Now for if expressions, the condition is always an owned bool, so there cannot possibly be any programs not compiling because the condition’s temporaries where dropped earlier.


Honestly, my personal feeling about this is that by pretending there was a consistent and simple rule about temporaries an the end of statements/expressions, we only get less optimization without much actual gain. But it is probably hard to change anything now. The most confusing rule that we have right now, IMHO, is how blocks work. A block { STMTS; EXPR } keeps the temporaries of EXPR in the surrounding expression. This makes { EXPR } similar to a call to an identity function id(EXPR) in that it moves the expression, but it makes it behave different than loop { break EXPR } or (|| EXPR)() or if true { EXPR } else { unreachable!() } or match { _ => { EXPR }} which all drop the temporaries.

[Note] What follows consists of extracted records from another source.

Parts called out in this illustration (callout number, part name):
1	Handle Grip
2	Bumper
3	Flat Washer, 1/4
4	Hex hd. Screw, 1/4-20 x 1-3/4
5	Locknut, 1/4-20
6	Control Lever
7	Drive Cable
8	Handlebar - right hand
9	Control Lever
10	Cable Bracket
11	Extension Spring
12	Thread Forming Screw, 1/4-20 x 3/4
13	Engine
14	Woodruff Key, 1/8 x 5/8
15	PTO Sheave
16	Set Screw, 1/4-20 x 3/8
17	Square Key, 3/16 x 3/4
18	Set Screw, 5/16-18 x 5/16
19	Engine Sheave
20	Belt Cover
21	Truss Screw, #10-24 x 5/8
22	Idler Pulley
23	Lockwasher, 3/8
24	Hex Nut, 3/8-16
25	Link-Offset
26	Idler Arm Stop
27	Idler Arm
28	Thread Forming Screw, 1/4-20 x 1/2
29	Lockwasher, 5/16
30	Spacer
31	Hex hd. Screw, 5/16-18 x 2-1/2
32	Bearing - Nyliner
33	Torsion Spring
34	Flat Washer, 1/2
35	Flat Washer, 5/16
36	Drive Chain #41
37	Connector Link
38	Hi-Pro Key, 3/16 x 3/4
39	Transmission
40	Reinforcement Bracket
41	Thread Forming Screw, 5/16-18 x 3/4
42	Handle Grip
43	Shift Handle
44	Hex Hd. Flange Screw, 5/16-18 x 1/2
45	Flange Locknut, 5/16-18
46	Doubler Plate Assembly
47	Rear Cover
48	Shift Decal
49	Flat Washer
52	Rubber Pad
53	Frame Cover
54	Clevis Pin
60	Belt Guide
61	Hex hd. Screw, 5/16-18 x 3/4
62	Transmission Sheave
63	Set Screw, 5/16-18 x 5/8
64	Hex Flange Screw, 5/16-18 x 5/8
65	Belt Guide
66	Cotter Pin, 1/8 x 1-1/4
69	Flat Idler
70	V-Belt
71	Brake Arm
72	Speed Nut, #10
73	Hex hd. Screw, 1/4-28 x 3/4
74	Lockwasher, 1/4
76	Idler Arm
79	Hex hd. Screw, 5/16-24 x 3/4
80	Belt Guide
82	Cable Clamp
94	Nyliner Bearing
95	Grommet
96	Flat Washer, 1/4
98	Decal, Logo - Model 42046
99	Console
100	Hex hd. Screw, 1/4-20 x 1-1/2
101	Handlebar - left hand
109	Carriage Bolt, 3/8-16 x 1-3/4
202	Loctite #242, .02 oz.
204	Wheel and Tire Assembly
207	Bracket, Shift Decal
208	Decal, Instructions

It also gives rise to a weird rule that temporaries of a final expression in a function (and probably also a closure) are dropped after the local variables are, in effect this means that

fn blah() {
    STMTS...
    EXPR
}

is different from

fn blah() {
    STMTS...
    return EXPR;
}

(proof)

3 Likes

But you also quite frequently need to keep the temporaries of a let statement! That's why we have temporary lifetime extension to begin with. So why doesn't this match logic apply to let? Because, again, Rust intentionally diverges from the typical let/in to get smaller drop scopes.

An important thing to note here is that if expressions do not have a binding scope, which puts them in an entirely different category than the constructs (functions, if let/while let, for, match, let) I was discussing.

Another important difference around if is that it tends to be used in long chains of else ifs, and while you can view these as grammatically nested, that is not how programmers think about them. Thus these two sub-statement temporary drop scopes in the docs I linked:

Arguably, { ...; EXPR } is just Rust's syntax for the in of let/in- the block provides the binding scope for any contained lets. Viewed from this angle, the let special case is quite similar to the behavior of if- temporaries in the scrutinee are dropped early because both constructs tend to have long-running "bodies."

So if you wanted you could rewrite that section of the reference to group the RHS of a let in with the condition expression of an if. Perhaps you might also rewrite the section on temporary lifetime extension in terms of these shortened temporary drop scopes, and my hypothetical _-drops-temporaries proposal in terms of applying this same shrunken drop scope trick to more constructs.

I know! That’s why my takeaway is that we shouldn’t even try


as can if let statements, that keep the temporaries around throughout all the else ifs and else branches nontheless.